The girl, opening a large knotted handkerchief which she had [pg 240]brought filled with sweet biscuit, took a step or two forward to meet the bull. Nestling against his huge head, powerful enough to bear up a horse and rider impaled upon his horns, she calmly fed the great beast from her store. Never could there have been a more beautiful picture since the day when another bull submitted to the caresses of Europa.

Vivillo scarcely deigned to look at Dick, who made some bids for his favour. All his chivalrous soul of toro bravo was absorbed in pleasure at Pilar's return, gratitude for her remembrance of him. I would scarcely have believed that it could be real, had I not seen it.

For ten minutes she stayed, Dick close at her side, always ignored by the bull; then she returned and walked towards us, slowly, the herdsman keeping near and Vivillo marching after in a resolute way which would have turned grey the hair of a nervous man or woman.

But if Dick were conscious of his nerves in such an unusual situation, he did not show it. His head was bent over Pilar's, talking earnestly, and though she never looked up at him in answer, once she broke out laughing, so merrily, I wondered what he had said.

In our own meadow again, safely delivered from the bulls, Pilar slipped instantly to her father's side and began chattering about Vivillo, who stood by the ditch looking wistfully after her as he chewed his last biscuit. Dick and I were thus thrown together; and though Dick's face is no tell-tale, I guessed somehow that his mind was not as calm as his features.
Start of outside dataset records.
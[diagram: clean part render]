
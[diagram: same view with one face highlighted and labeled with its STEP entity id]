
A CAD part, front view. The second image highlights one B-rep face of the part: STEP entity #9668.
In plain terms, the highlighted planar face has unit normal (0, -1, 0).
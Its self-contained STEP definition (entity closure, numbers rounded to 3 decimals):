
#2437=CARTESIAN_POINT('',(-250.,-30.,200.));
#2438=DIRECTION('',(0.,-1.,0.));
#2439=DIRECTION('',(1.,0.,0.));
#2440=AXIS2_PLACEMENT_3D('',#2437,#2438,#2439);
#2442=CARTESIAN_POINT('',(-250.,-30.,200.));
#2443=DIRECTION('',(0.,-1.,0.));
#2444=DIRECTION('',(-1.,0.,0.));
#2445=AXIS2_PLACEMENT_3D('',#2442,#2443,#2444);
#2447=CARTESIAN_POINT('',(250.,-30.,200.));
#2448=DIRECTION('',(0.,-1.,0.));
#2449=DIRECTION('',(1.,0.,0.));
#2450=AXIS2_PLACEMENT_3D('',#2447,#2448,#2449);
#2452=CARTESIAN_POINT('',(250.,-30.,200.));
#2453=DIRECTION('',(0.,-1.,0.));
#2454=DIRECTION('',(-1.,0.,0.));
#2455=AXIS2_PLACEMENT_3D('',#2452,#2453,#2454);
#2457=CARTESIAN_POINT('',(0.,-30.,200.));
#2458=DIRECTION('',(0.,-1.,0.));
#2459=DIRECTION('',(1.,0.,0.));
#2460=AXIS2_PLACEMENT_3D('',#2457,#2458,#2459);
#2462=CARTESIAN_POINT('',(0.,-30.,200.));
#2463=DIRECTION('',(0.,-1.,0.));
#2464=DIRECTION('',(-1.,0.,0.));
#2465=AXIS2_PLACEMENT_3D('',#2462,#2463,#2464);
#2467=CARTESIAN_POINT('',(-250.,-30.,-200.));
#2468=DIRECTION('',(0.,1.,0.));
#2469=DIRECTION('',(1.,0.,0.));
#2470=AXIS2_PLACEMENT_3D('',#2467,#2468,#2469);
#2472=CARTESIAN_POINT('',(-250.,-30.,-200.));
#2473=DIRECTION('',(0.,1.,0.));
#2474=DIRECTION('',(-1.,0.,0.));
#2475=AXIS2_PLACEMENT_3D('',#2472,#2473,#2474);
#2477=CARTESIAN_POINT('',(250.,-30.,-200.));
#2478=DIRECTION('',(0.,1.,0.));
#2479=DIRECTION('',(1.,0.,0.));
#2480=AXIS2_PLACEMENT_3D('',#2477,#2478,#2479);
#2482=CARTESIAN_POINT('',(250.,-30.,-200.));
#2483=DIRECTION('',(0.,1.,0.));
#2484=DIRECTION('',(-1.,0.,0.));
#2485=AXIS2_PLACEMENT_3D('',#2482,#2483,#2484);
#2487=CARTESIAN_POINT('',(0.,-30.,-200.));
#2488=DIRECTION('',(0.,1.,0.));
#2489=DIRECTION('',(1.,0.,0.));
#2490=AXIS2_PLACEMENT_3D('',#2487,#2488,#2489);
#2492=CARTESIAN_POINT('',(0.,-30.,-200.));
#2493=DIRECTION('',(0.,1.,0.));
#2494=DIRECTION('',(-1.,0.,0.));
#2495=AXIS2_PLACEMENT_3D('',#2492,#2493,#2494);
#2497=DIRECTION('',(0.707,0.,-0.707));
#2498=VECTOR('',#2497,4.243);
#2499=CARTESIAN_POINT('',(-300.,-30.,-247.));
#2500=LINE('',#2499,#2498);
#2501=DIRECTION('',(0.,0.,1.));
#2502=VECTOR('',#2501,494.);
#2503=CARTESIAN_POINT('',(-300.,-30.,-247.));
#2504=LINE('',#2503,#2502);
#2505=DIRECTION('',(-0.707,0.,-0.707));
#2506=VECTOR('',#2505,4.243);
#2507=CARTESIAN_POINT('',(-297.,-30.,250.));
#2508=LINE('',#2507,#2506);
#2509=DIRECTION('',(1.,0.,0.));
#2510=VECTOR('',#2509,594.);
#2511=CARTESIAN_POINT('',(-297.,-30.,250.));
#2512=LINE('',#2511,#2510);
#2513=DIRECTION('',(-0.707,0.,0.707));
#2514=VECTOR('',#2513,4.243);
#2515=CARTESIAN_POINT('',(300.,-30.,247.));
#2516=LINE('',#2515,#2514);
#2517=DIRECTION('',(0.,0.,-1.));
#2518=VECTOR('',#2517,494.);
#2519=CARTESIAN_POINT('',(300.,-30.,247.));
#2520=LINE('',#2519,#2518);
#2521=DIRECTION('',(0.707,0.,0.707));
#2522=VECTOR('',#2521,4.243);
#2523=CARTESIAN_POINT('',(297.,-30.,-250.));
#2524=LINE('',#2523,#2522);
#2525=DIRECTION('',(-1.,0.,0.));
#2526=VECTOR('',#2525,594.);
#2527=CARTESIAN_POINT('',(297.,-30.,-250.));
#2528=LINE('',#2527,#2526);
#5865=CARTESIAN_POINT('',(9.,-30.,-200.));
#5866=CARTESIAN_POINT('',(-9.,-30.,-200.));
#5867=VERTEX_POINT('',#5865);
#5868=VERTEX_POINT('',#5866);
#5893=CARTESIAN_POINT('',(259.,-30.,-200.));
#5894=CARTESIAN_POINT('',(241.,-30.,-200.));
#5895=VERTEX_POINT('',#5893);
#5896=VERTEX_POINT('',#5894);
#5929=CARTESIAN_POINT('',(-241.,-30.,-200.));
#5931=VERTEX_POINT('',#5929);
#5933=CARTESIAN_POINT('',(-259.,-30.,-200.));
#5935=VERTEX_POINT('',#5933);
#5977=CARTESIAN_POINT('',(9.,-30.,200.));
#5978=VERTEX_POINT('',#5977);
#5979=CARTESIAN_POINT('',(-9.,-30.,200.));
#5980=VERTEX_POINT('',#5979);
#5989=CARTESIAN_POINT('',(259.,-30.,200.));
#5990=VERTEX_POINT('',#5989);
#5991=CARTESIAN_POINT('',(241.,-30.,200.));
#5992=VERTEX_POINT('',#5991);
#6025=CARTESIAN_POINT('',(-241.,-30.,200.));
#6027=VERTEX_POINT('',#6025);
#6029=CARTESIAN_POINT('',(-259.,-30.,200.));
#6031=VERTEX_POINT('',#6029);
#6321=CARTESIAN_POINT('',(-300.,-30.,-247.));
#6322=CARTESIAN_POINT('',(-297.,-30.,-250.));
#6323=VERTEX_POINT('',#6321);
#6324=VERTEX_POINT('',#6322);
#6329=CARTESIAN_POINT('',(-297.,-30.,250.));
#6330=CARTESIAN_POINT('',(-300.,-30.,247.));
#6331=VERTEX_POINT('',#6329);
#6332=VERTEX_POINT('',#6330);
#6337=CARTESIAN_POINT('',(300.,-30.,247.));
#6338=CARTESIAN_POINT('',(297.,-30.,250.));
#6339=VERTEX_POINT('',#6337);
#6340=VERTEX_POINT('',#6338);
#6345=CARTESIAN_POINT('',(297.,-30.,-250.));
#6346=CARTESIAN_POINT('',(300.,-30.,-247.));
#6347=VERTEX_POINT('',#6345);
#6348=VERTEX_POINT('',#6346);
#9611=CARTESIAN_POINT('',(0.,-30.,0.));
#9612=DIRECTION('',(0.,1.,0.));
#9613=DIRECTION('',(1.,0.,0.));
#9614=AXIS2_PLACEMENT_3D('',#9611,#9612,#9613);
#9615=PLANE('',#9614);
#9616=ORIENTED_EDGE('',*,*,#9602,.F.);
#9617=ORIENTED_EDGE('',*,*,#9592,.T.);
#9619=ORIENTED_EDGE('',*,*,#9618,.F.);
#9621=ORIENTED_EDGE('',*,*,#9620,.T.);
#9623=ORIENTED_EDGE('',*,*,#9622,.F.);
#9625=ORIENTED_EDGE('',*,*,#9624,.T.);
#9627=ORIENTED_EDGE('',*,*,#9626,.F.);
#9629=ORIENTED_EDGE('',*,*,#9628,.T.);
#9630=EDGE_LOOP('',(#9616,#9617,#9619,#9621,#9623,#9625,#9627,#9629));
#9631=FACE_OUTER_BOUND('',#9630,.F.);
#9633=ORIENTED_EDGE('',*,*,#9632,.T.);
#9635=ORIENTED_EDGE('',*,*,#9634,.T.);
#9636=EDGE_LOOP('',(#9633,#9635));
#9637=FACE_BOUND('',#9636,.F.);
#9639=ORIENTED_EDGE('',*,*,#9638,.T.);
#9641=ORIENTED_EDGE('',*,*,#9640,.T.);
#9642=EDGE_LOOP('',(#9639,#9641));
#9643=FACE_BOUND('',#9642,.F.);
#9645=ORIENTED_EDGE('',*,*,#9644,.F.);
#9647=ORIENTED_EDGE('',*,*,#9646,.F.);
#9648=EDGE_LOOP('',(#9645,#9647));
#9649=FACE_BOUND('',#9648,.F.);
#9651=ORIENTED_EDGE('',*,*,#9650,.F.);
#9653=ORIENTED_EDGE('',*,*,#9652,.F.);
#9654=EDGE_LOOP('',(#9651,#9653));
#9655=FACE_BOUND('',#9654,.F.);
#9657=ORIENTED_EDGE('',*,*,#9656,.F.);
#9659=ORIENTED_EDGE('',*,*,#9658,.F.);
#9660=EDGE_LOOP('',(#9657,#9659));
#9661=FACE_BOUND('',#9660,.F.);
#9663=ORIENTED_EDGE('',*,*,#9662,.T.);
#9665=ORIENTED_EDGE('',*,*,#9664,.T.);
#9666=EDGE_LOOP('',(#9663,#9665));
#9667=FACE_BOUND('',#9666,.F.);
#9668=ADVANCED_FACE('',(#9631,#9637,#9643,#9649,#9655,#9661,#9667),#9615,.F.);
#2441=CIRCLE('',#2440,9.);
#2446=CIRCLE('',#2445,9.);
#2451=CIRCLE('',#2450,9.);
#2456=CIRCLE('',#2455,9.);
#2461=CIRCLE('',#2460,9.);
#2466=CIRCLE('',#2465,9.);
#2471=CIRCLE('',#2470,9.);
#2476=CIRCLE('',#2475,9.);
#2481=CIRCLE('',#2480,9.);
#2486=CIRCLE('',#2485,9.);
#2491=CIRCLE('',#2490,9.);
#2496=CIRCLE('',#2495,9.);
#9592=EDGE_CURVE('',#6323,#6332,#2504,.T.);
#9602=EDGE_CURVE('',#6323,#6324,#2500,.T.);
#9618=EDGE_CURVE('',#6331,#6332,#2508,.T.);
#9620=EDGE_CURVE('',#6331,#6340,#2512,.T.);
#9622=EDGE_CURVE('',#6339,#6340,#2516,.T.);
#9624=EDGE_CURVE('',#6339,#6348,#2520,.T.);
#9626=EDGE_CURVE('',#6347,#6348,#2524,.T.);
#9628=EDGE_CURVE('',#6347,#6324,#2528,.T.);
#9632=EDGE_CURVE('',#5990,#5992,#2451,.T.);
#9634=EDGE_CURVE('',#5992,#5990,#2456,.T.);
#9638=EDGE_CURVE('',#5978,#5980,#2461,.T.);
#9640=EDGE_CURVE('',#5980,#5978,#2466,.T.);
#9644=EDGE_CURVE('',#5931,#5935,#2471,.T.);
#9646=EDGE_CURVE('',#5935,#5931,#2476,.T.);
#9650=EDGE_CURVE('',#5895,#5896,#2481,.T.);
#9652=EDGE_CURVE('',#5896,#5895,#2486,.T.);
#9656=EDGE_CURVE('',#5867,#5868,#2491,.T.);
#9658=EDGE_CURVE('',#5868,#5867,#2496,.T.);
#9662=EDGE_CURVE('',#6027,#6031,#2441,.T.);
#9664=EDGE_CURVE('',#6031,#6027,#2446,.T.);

“I should think that might have been a little upsetting to an amateur,” I said.

“Maybe,” answered Dick, absent-mindedly. “But it isn't that, if I'm looking queer. Say Ramón, I've done it.”

“What?”

“Proposed to a girl for the first time in my life. What's more, I grovelled. I called Vivillo a lamb, though at the moment he was looking more like several dozen lions. I told her if she'd [pg 241]marry me, she could have him and any other bulls sitting about on our hearthrug; that we'd have a nice big one on purpose.”

“That ought to be an inducement—even from a heretic.”